### What you should do
Give the number of lines below that contain the word "name", and nothing else.
The input Start Marker
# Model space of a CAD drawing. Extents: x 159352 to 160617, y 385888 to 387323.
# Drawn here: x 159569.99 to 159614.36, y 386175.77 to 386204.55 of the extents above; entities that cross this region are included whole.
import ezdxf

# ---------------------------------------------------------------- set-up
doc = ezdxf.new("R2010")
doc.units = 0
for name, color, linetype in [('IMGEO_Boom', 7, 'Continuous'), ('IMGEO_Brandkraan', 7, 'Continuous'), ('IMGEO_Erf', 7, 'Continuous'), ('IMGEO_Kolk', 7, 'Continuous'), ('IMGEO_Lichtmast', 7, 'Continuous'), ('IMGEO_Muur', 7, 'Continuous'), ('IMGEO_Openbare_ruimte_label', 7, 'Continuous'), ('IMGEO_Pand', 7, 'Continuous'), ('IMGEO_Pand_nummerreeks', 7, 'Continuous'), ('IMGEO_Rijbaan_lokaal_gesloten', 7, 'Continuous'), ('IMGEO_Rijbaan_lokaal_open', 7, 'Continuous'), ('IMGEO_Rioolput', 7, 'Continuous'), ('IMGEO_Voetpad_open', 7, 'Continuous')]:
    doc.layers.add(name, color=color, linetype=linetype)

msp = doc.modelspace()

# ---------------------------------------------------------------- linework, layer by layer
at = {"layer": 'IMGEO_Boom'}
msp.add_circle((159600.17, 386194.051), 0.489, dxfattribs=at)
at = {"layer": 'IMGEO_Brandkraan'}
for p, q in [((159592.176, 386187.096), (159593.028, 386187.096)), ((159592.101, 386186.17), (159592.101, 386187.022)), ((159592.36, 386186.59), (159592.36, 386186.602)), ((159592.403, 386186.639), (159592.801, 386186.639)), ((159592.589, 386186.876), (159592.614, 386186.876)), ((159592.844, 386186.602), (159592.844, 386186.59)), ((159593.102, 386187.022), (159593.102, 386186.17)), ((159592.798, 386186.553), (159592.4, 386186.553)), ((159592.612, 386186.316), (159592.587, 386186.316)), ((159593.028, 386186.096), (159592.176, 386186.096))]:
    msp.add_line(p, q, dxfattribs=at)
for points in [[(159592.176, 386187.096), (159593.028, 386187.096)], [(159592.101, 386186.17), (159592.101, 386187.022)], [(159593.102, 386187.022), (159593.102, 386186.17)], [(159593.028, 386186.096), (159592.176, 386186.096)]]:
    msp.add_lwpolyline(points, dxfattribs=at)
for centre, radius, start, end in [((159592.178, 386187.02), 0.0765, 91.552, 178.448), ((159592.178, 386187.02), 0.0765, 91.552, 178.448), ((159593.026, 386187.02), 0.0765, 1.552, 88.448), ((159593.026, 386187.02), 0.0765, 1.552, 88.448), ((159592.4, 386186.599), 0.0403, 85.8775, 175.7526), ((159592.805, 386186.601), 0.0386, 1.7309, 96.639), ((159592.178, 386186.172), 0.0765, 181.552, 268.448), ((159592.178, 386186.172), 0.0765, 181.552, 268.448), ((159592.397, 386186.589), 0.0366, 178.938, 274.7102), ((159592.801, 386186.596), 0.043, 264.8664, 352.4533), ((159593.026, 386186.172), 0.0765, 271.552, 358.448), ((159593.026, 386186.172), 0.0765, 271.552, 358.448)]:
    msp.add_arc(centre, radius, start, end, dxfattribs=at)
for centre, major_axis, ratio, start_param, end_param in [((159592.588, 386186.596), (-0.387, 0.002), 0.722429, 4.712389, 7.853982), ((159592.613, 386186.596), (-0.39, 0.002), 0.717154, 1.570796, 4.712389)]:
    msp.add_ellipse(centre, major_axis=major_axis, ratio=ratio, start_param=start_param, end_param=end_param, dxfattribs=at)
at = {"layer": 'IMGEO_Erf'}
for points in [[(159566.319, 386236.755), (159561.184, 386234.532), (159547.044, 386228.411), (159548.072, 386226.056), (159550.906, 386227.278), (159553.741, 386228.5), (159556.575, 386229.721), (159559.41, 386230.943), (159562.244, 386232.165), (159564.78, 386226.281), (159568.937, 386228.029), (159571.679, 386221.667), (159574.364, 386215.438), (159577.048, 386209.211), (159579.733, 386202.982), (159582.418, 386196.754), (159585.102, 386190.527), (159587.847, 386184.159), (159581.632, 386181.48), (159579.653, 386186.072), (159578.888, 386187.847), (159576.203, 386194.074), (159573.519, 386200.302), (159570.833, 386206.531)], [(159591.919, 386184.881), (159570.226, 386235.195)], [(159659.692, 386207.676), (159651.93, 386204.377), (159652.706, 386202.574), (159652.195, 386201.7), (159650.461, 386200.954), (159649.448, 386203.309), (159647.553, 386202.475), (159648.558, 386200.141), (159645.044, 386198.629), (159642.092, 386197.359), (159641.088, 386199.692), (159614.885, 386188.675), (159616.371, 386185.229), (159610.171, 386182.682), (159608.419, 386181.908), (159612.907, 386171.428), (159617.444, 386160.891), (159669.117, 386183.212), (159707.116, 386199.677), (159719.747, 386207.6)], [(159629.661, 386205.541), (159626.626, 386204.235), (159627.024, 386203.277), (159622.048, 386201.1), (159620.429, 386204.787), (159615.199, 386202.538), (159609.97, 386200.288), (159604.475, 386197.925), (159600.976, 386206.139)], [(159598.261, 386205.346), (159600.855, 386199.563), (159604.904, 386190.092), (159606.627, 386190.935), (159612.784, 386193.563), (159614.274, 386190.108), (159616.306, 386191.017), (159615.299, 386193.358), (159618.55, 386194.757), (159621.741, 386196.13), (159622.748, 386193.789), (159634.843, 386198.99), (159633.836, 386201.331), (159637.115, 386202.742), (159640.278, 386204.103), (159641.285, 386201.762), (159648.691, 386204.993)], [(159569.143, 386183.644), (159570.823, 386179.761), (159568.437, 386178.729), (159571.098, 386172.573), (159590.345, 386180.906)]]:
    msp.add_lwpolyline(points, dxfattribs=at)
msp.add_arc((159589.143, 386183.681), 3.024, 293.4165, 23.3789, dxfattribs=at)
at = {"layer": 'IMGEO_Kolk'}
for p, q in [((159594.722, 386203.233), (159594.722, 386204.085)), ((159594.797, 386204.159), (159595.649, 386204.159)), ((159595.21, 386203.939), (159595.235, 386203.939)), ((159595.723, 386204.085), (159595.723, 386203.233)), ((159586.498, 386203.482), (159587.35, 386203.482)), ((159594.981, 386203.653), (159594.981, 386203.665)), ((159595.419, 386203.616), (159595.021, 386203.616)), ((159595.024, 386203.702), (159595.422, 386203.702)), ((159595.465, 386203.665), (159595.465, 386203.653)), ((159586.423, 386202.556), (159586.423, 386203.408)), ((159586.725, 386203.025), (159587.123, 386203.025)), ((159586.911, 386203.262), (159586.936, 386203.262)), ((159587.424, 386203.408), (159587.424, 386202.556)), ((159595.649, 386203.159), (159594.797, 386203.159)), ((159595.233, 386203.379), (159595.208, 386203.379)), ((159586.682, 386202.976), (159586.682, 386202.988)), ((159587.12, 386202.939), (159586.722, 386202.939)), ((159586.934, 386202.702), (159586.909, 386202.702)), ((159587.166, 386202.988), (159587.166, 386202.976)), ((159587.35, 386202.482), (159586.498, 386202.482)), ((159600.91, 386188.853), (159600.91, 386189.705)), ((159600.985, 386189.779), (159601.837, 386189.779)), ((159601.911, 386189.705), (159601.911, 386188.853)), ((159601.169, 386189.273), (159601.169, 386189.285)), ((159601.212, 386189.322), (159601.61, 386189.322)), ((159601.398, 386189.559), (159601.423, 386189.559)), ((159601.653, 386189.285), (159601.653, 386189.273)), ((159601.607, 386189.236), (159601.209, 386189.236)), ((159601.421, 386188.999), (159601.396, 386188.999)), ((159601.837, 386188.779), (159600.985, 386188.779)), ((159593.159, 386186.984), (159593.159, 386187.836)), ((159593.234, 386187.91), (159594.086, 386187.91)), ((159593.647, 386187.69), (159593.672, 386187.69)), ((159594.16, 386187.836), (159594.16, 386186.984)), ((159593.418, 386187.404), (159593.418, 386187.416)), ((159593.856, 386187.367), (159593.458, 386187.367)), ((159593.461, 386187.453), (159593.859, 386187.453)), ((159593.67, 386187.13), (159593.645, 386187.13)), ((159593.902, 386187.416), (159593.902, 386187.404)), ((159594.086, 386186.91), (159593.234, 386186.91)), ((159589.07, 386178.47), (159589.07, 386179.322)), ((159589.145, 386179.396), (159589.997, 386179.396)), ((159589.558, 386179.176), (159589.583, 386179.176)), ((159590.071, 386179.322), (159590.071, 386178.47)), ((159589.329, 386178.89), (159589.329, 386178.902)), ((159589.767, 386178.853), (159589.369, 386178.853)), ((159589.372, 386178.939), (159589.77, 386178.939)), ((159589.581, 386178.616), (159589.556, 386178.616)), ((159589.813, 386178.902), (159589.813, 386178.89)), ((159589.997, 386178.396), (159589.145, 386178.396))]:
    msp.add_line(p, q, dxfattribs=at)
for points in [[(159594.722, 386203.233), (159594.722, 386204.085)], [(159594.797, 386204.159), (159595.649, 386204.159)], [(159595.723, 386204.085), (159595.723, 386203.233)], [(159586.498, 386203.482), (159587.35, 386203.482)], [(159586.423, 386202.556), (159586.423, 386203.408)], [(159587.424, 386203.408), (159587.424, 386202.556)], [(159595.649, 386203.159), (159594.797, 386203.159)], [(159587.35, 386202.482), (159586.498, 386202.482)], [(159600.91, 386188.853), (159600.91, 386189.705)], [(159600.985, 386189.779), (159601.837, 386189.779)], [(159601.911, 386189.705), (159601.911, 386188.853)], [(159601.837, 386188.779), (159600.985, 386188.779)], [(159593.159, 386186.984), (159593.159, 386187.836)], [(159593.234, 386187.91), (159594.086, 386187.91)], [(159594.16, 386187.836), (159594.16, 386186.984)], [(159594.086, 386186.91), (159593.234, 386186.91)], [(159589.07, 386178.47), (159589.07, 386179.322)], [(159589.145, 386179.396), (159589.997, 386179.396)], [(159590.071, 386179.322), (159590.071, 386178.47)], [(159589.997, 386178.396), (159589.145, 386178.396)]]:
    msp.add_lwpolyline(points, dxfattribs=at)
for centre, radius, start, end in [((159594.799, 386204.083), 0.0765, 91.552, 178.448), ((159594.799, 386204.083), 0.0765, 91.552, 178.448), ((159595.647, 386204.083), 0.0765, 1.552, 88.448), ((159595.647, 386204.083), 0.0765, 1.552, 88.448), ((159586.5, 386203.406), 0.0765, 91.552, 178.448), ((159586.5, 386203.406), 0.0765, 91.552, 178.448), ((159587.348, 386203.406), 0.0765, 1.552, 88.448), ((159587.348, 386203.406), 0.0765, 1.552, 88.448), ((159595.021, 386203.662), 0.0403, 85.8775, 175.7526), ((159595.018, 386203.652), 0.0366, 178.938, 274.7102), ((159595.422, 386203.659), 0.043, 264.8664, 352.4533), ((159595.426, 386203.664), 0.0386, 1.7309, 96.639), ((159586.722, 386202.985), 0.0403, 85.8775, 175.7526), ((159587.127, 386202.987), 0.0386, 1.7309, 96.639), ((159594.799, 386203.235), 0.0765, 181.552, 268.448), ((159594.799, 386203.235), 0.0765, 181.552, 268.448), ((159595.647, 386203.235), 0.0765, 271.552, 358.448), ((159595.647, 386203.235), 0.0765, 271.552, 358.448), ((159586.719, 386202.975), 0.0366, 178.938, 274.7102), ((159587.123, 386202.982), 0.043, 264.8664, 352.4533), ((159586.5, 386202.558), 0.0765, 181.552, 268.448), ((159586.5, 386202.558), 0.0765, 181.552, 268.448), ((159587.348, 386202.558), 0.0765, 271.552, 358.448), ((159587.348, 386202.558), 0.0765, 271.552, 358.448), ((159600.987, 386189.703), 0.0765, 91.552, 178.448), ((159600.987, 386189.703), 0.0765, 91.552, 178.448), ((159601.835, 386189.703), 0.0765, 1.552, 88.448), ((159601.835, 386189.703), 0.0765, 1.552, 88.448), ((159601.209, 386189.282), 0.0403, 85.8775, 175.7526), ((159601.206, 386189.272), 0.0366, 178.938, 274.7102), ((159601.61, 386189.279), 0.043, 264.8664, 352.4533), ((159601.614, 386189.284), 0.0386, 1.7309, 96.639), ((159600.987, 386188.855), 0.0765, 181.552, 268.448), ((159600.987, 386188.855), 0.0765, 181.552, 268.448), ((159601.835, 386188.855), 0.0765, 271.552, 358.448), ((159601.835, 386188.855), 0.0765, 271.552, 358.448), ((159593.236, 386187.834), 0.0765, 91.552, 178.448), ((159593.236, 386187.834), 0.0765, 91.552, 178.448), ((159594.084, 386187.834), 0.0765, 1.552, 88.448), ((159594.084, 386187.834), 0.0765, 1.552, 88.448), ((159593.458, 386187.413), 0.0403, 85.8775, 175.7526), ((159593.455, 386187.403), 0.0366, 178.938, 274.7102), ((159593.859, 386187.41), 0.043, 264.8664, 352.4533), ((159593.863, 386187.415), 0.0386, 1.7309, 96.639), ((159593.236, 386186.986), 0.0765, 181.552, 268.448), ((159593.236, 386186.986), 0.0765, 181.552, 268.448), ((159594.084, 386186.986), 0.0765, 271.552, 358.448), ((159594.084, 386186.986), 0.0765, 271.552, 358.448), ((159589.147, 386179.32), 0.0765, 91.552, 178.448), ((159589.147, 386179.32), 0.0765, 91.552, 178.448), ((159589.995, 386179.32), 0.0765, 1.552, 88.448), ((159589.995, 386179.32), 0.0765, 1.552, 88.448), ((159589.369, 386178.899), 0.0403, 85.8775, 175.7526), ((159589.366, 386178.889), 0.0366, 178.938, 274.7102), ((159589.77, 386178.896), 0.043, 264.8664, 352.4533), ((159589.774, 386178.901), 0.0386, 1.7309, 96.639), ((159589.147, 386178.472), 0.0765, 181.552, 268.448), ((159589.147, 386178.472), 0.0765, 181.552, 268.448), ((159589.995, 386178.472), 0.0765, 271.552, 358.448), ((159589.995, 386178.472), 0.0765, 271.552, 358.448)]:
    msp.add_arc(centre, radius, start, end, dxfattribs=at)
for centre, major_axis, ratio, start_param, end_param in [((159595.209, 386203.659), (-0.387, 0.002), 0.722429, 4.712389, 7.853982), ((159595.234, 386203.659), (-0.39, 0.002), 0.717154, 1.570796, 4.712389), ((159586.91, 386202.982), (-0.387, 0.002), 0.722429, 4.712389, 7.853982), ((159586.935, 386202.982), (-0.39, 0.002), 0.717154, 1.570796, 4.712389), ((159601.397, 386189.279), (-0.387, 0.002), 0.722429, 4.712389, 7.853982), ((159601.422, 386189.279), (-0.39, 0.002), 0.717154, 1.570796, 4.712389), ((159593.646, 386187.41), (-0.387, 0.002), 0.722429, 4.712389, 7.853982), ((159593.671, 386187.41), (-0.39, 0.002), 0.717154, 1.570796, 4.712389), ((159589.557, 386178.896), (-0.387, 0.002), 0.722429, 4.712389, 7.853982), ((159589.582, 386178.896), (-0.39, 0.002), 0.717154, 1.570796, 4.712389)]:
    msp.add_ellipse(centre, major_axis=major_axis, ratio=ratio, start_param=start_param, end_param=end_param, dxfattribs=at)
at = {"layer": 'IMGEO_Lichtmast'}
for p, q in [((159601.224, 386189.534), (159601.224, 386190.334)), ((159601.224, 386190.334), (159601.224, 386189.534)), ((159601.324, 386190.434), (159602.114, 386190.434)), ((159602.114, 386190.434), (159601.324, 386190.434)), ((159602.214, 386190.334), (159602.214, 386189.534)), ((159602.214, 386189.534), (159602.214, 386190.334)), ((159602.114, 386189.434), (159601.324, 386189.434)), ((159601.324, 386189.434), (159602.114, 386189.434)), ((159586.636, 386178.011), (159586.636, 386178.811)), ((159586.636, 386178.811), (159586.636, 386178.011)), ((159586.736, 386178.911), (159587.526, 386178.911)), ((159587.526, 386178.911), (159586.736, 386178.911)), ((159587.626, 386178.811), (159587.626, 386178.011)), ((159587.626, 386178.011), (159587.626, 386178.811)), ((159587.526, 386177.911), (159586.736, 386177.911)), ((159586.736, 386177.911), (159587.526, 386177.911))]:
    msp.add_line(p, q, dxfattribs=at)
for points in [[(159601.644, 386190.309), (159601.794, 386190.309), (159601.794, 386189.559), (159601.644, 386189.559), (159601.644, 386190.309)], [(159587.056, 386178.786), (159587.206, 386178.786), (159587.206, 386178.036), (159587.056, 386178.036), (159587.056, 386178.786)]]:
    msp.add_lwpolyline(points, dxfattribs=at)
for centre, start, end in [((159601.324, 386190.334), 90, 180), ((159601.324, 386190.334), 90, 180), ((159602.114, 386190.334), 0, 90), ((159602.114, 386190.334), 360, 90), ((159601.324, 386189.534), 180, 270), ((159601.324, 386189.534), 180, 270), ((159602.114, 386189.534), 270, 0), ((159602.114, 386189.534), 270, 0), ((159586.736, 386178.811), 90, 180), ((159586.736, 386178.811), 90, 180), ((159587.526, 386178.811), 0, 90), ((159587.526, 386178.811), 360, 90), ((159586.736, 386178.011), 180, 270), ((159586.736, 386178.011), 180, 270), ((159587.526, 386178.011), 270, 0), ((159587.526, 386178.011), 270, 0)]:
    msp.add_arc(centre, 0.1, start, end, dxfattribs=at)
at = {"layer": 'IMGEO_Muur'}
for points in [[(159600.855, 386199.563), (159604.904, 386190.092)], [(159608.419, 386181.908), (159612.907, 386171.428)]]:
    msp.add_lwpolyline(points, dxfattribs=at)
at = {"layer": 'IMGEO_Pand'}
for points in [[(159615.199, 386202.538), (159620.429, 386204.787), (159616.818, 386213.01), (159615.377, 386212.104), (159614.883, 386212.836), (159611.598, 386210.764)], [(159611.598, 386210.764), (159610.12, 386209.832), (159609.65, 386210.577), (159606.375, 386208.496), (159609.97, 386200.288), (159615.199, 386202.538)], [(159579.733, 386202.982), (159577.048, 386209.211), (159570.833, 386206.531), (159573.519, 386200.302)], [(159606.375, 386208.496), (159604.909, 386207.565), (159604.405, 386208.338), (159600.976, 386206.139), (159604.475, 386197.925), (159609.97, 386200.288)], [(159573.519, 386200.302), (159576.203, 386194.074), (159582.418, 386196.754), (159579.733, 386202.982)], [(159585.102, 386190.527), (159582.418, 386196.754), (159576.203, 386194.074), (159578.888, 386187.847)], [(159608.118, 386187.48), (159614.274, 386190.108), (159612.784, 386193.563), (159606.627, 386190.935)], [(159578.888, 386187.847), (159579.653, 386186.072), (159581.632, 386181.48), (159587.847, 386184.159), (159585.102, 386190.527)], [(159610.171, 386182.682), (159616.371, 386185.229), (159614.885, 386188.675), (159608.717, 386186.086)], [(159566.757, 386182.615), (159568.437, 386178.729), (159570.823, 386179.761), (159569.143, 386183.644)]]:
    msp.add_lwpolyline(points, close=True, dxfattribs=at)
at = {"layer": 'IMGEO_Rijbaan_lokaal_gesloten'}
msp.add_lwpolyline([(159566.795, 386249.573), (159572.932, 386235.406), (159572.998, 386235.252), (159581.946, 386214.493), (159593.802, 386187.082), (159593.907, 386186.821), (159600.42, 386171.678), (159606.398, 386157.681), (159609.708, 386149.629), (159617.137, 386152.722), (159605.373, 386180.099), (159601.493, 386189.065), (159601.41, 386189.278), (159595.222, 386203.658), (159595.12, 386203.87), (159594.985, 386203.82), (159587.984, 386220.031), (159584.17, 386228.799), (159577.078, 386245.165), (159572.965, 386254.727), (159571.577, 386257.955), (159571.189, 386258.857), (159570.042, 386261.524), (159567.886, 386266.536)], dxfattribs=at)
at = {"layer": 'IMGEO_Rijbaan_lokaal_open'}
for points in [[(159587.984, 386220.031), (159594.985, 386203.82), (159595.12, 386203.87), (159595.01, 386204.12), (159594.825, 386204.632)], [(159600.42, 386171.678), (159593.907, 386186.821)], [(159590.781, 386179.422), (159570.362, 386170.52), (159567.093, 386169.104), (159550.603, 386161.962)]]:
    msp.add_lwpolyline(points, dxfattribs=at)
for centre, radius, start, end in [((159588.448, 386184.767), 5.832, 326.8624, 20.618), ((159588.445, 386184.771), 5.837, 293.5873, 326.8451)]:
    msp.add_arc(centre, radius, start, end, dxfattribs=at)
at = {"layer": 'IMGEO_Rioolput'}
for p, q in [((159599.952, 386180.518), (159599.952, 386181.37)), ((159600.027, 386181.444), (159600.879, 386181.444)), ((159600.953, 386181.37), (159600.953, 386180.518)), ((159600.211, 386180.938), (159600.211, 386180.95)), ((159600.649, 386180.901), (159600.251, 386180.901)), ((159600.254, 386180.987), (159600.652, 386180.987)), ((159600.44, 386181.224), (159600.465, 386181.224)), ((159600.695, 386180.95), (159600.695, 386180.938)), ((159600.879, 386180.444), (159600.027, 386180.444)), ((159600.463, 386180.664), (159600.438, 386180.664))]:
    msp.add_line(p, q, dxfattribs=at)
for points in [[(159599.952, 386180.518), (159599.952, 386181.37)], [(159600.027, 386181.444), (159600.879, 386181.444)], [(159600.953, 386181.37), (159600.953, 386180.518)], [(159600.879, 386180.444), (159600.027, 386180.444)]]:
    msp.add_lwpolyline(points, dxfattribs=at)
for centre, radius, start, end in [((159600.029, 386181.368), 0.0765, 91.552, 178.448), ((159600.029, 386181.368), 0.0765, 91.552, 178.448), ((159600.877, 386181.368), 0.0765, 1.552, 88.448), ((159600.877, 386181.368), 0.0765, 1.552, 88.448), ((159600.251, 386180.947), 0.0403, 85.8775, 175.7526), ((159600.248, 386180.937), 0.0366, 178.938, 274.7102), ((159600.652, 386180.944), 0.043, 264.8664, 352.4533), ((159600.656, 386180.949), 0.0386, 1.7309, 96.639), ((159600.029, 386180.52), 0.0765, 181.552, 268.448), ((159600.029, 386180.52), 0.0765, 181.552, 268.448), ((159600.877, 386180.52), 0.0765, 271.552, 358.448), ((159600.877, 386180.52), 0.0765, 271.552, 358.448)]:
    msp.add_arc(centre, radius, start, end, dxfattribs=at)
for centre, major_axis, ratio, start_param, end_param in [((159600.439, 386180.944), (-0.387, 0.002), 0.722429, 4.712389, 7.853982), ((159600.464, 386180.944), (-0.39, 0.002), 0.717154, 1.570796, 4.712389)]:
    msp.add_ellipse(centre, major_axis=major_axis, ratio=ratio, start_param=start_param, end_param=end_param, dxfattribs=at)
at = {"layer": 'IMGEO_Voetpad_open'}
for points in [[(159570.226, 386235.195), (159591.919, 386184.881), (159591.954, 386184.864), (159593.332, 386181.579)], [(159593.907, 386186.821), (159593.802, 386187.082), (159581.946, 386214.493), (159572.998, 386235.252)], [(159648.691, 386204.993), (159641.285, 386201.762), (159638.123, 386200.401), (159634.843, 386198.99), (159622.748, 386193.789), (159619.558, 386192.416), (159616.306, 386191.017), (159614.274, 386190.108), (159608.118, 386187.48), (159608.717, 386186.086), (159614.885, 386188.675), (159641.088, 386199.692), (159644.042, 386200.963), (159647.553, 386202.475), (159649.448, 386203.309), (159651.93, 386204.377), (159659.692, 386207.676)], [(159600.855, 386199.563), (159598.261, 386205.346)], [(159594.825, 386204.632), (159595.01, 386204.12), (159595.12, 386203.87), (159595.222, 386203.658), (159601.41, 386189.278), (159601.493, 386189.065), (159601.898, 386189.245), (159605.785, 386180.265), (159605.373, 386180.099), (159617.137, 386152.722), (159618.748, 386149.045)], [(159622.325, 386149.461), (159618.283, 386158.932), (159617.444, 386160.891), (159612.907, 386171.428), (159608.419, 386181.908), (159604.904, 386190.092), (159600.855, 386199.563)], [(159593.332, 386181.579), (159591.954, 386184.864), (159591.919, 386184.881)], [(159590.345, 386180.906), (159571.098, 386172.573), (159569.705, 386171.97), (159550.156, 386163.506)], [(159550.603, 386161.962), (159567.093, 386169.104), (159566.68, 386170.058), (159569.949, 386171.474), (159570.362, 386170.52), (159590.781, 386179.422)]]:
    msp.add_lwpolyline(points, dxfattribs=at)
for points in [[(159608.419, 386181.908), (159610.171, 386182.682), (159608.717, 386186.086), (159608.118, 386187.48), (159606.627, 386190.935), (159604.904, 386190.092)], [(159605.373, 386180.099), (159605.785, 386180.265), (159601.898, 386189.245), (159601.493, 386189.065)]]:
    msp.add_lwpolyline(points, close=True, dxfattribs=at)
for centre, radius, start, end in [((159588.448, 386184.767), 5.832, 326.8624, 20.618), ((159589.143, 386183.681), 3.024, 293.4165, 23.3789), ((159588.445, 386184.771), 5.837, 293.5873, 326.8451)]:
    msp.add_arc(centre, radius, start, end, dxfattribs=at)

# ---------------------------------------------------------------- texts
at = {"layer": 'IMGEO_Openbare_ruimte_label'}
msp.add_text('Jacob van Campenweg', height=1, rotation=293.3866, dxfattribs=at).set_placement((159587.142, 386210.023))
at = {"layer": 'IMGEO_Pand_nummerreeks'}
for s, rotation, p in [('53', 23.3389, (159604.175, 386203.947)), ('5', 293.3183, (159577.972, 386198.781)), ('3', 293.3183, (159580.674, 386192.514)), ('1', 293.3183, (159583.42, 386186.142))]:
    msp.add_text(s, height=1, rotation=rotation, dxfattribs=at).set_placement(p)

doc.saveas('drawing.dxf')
The input End Marker
### Output below
2